Collection entries
________________________________________
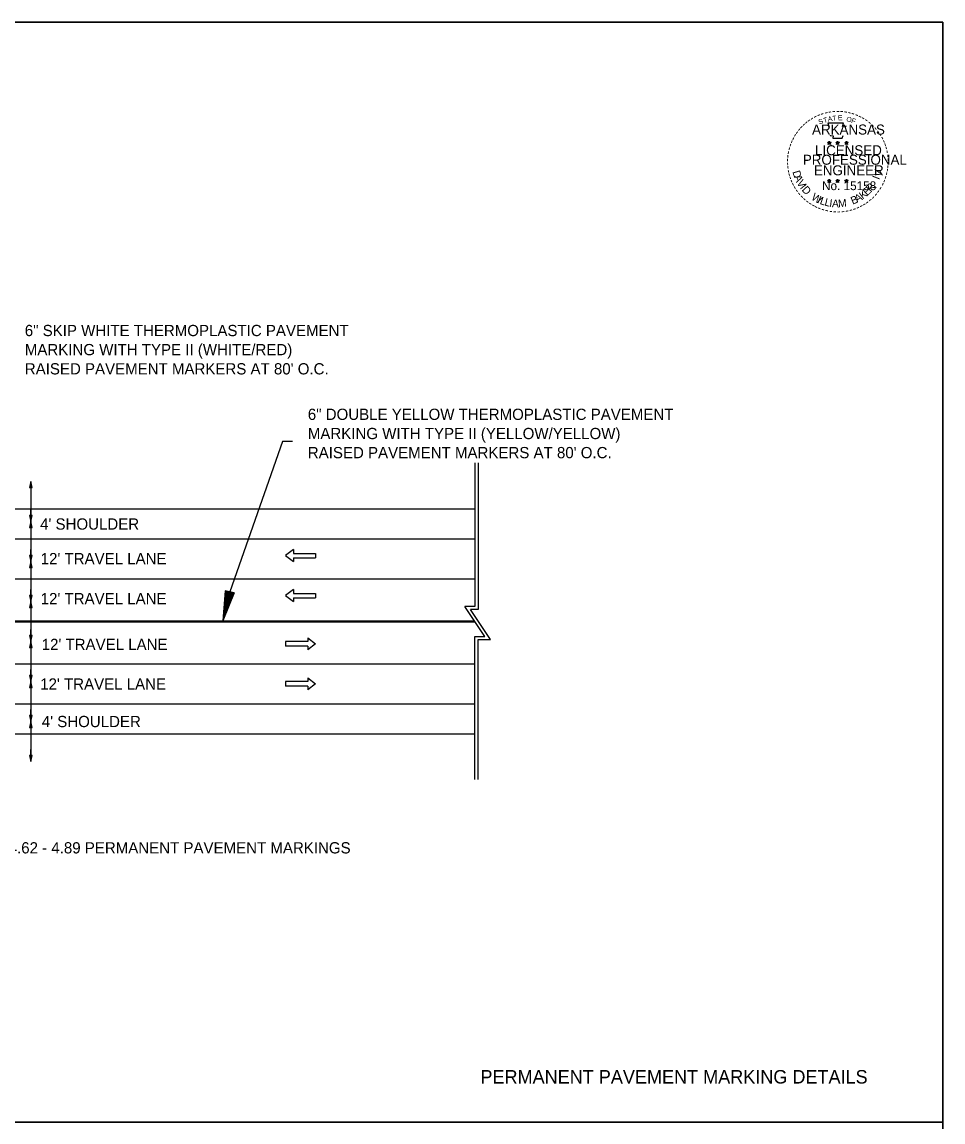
# Model space of a CAD drawing. Extents: x 1372926 to 1373096, y 381240 to 381790.
# Drawn here: x 1373003.9 to 1373096, y 381570.2 to 381680.2 of the extents above; entities that cross this region are included whole.
import ezdxf

# ---------------------------------------------------------------- set-up
doc = ezdxf.new("R2010")
doc.units = 0
for name, color, linetype in [('Default', 7, 'Continuous'), ('DSN_DRFT_Junk-No-Plot', 7, 'Continuous'), ('R_Border Notes', 7, 'Continuous'), ('R_Draft', 7, 'Continuous'), ('SHET_Border-Text', 7, 'Continuous')]:
    doc.layers.add(name, color=color, linetype=linetype)

msp = doc.modelspace()

# ---------------------------------------------------------------- linework, layer by layer
at = {"layer": 'Default'}
for p, q in [((1373029.94, 381638.21), (1373024.65, 381623.19)), ((1373030.94, 381638.21), (1373029.94, 381638.21)), ((1373049.17, 381636.08), (1373049.17, 381621.74)), ((1373049.5, 381636.08), (1373049.5, 381621.41)), ((1373031.02, 381627.41), (1373030.24, 381626.81)), ((1373031.02, 381627.41), (1373031.02, 381627.04)), ((1373030.24, 381626.81), (1373031.02, 381626.21)), ((1373031.02, 381627.04), (1373033.23, 381627.04)), ((1373031.02, 381626.59), (1373033.23, 381626.59)), ((1373031.02, 381626.59), (1373031.02, 381626.21)), ((1373033.23, 381627.04), (1373033.23, 381626.59)), ((1373024.21, 381623.3), (1373023.95, 381620.28)), ((1373025.09, 381623.09), (1373023.95, 381620.28)), ((1373024.29, 381623.28), (1373024.06, 381620.77)), ((1373025.01, 381623.11), (1373024.06, 381620.77)), ((1373024.36, 381623.26), (1373024.18, 381621.27)), ((1373024.94, 381623.12), (1373024.18, 381621.27)), ((1373025.09, 381623.09), (1373024.21, 381623.3)), ((1373024.43, 381623.25), (1373024.3, 381621.75)), ((1373024.87, 381623.14), (1373024.3, 381621.75)), ((1373024.51, 381623.23), (1373024.42, 381622.25)), ((1373024.79, 381623.16), (1373024.42, 381622.25)), ((1373024.58, 381623.21), (1373024.54, 381622.73)), ((1373024.72, 381623.18), (1373024.54, 381622.73)), ((1373031.02, 381623.41), (1373030.24, 381622.81)), ((1373031.02, 381623.41), (1373031.02, 381623.04)), ((1373031.02, 381623.04), (1373033.23, 381623.04)), ((1373033.23, 381623.04), (1373033.23, 381622.59)), ((1373030.24, 381622.81), (1373031.02, 381622.21)), ((1373031.02, 381622.59), (1373033.23, 381622.59)), ((1373031.02, 381622.59), (1373031.02, 381622.21)), ((1373049.17, 381621.74), (1373048.17, 381621.74)), ((1373050.17, 381618.74), (1373048.17, 381621.74)), ((1373050.72, 381618.41), (1373048.72, 381621.41)), ((1373049.5, 381621.41), (1373048.72, 381621.41)), ((1373049.17, 381604.41), (1373049.17, 381618.74)), ((1373049.17, 381618.74), (1373050.17, 381618.74)), ((1373032.45, 381618.22), (1373030.24, 381618.22)), ((1373030.24, 381618.22), (1373030.24, 381617.77)), ((1373032.45, 381617.77), (1373030.24, 381617.77)), ((1373032.45, 381618.59), (1373032.45, 381618.22)), ((1373032.45, 381618.59), (1373033.23, 381617.99)), ((1373033.23, 381617.99), (1373032.45, 381617.39)), ((1373032.45, 381617.77), (1373032.45, 381617.39)), ((1373049.5, 381604.41), (1373049.5, 381618.41)), ((1373049.5, 381618.41), (1373050.72, 381618.41)), ((1373032.45, 381614.22), (1373030.24, 381614.22)), ((1373030.24, 381614.22), (1373030.24, 381613.77)), ((1373032.45, 381614.59), (1373032.45, 381614.22)), ((1373032.45, 381614.59), (1373033.23, 381613.99)), ((1373032.45, 381613.77), (1373030.24, 381613.77)), ((1373033.23, 381613.99), (1373032.45, 381613.39)), ((1373032.45, 381613.77), (1373032.45, 381613.39))]:
    msp.add_line(p, q, dxfattribs=at)
for points in [[(1372925.97, 381680.17), (1372925.97, 381570.17), (1373095.97, 381570.17), (1373095.97, 381680.17)], [(1372925.97, 381570.17), (1372925.97, 381460.17), (1373095.97, 381460.17), (1373095.97, 381570.17)]]:
    msp.add_lwpolyline(points, close=True, dxfattribs=at)
at = {"layer": 'DSN_DRFT_Junk-No-Plot'}
msp.add_line((1373004.76, 381634.24), (1373004.76, 381606.24), dxfattribs=at)
for points in [[(1372925.97, 381680.17), (1373095.97, 381680.17), (1373095.97, 381570.17), (1372925.97, 381570.17)], [(1372925.97, 381680.17), (1372925.97, 381570.17), (1373095.97, 381570.17), (1373095.97, 381680.17)], [(1372925.97, 381570.17), (1373095.97, 381570.17), (1373095.97, 381460.17), (1372925.97, 381460.17)], [(1372925.97, 381570.17), (1372925.97, 381460.17), (1373095.97, 381460.17), (1373095.97, 381570.17)]]:
    msp.add_lwpolyline(points, close=True, dxfattribs=at)
for points in [[(1373004.76, 381634.24), (1373004.64, 381633.64), (1373004.88, 381633.64), (1373004.76, 381634.24), (1373004.76, 381633.04)], [(1373004.76, 381630.24), (1373004.88, 381630.84), (1373004.64, 381630.84), (1373004.76, 381630.24), (1373004.76, 381631.44)], [(1373004.76, 381630.24), (1373004.64, 381629.64), (1373004.88, 381629.64), (1373004.76, 381630.24), (1373004.76, 381629.04)], [(1373004.76, 381626.24), (1373004.88, 381626.84), (1373004.64, 381626.84), (1373004.76, 381626.24), (1373004.76, 381627.44)], [(1373004.76, 381626.24), (1373004.64, 381625.64), (1373004.88, 381625.64), (1373004.76, 381626.24), (1373004.76, 381625.04)], [(1373004.76, 381622.24), (1373004.88, 381622.84), (1373004.64, 381622.84), (1373004.76, 381622.24), (1373004.76, 381623.44)], [(1373004.76, 381622.24), (1373004.64, 381621.64), (1373004.88, 381621.64), (1373004.76, 381622.24), (1373004.76, 381621.04)], [(1373004.76, 381618.24), (1373004.88, 381618.84), (1373004.64, 381618.84), (1373004.76, 381618.24), (1373004.76, 381619.44)], [(1373004.76, 381618.24), (1373004.64, 381617.64), (1373004.88, 381617.64), (1373004.76, 381618.24), (1373004.76, 381617.04)], [(1373004.76, 381614.24), (1373004.88, 381614.84), (1373004.64, 381614.84), (1373004.76, 381614.24), (1373004.76, 381615.44)], [(1373004.76, 381614.24), (1373004.64, 381613.64), (1373004.88, 381613.64), (1373004.76, 381614.24), (1373004.76, 381613.04)], [(1373004.76, 381610.24), (1373004.88, 381610.84), (1373004.64, 381610.84), (1373004.76, 381610.24), (1373004.76, 381611.44)], [(1373004.76, 381610.24), (1373004.64, 381609.64), (1373004.88, 381609.64), (1373004.76, 381610.24), (1373004.76, 381609.04)], [(1373004.76, 381606.24), (1373004.88, 381606.84), (1373004.64, 381606.84), (1373004.76, 381606.24), (1373004.76, 381607.44)]]:
    msp.add_lwpolyline(points, dxfattribs=at)
at = {"layer": 'R_Draft'}
for p, q in [((1372972.78, 381631.49), (1373049.17, 381631.49)), ((1372972.78, 381628.49), (1373049.17, 381628.49)), ((1372972.78, 381624.49), (1373049.17, 381624.49)), ((1372972.74, 381620.29), (1373049.14, 381620.29)), ((1372972.81, 381620.19), (1373049.2, 381620.19)), ((1372972.78, 381615.99), (1373049.17, 381615.99)), ((1372972.78, 381611.99), (1373049.17, 381611.99)), ((1372972.78, 381608.99), (1373049.17, 381608.99))]:
    msp.add_line(p, q, dxfattribs=at)
at = {"layer": 'SHET_Border-Text'}
for p, q in [((1373084.43, 381668.13), (1373084.6, 381668.07)), ((1373084.43, 381668.13), (1373084.56, 381668.11)), ((1373084.43, 381668.13), (1373084.55, 381668.07)), ((1373084.6, 381668.26), (1373084.58, 381668.13)), ((1373084.6, 381668.07), (1373084.6, 381668.26)), ((1373084.6, 381668.26), (1373084.63, 381668.13)), ((1373084.78, 381668.13), (1373084.6, 381668.07)), ((1373084.78, 381668.13), (1373084.63, 381668.11)), ((1373084.78, 381668.13), (1373084.67, 381668.08)), ((1373085.26, 381668.13), (1373085.44, 381668.07)), ((1373085.26, 381668.13), (1373085.39, 381668.11)), ((1373085.26, 381668.13), (1373085.38, 381668.07)), ((1373085.44, 381668.26), (1373085.42, 381668.13)), ((1373085.44, 381668.07), (1373085.44, 381668.26)), ((1373085.44, 381668.26), (1373085.46, 381668.13)), ((1373085.61, 381668.13), (1373085.44, 381668.07)), ((1373085.61, 381668.13), (1373085.47, 381668.11)), ((1373085.61, 381668.13), (1373085.51, 381668.08)), ((1373086.15, 381668.12), (1373086.32, 381668.07)), ((1373086.15, 381668.12), (1373086.27, 381668.1)), ((1373086.15, 381668.12), (1373086.26, 381668.06)), ((1373086.32, 381668.25), (1373086.3, 381668.12)), ((1373086.32, 381668.07), (1373086.32, 381668.25)), ((1373086.32, 381668.25), (1373086.34, 381668.13)), ((1373086.49, 381668.12), (1373086.32, 381668.07)), ((1373086.49, 381668.12), (1373086.35, 381668.1)), ((1373086.49, 381668.12), (1373086.39, 381668.07)), ((1373084.5, 381667.93), (1373084.6, 381668.07)), ((1373084.5, 381667.93), (1373084.56, 381668.05)), ((1373084.5, 381667.93), (1373084.6, 381668.03)), ((1373084.71, 381667.93), (1373084.6, 381668.07)), ((1373084.71, 381667.93), (1373084.6, 381668.03)), ((1373084.71, 381667.93), (1373084.64, 381668.07)), ((1373085.33, 381667.93), (1373085.44, 381668.07)), ((1373085.33, 381667.93), (1373085.39, 381668.05)), ((1373085.33, 381667.93), (1373085.44, 381668.03)), ((1373085.54, 381667.93), (1373085.44, 381668.07)), ((1373085.54, 381667.93), (1373085.44, 381668.03)), ((1373085.54, 381667.93), (1373085.48, 381668.07)), ((1373086.21, 381667.92), (1373086.32, 381668.07)), ((1373086.21, 381667.92), (1373086.28, 381668.04)), ((1373086.21, 381667.92), (1373086.32, 381668.03)), ((1373086.43, 381667.92), (1373086.32, 381668.07)), ((1373086.43, 381667.92), (1373086.32, 381668.03)), ((1373086.43, 381667.92), (1373086.36, 381668.07)), ((1373084.43, 381664.34), (1373084.6, 381664.29)), ((1373084.43, 381664.34), (1373084.55, 381664.32)), ((1373084.43, 381664.34), (1373084.55, 381664.28)), ((1373084.49, 381664.14), (1373084.6, 381664.29)), ((1373084.49, 381664.14), (1373084.56, 381664.26)), ((1373084.49, 381664.14), (1373084.6, 381664.25)), ((1373084.6, 381664.47), (1373084.58, 381664.34)), ((1373084.6, 381664.29), (1373084.6, 381664.47)), ((1373084.6, 381664.47), (1373084.63, 381664.35)), ((1373084.77, 381664.34), (1373084.6, 381664.29)), ((1373084.71, 381664.14), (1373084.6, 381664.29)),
________________________________________
ABOUT THIS TASK:
Search the data above for the word "Default" and show every line that has it.

THE COMPLETED TASK:
for name, color, linetype in [('Default', 7, 'Continuous'), ('DSN_DRFT_Junk-No-Plot', 7, 'Continuous'), ('R_Border Notes', 7, 'Continuous'), ('R_Draft', 7, 'Continuous'), ('SHET_Border-Text', 7, 'Continuous')]:
at = {"layer": 'Default'}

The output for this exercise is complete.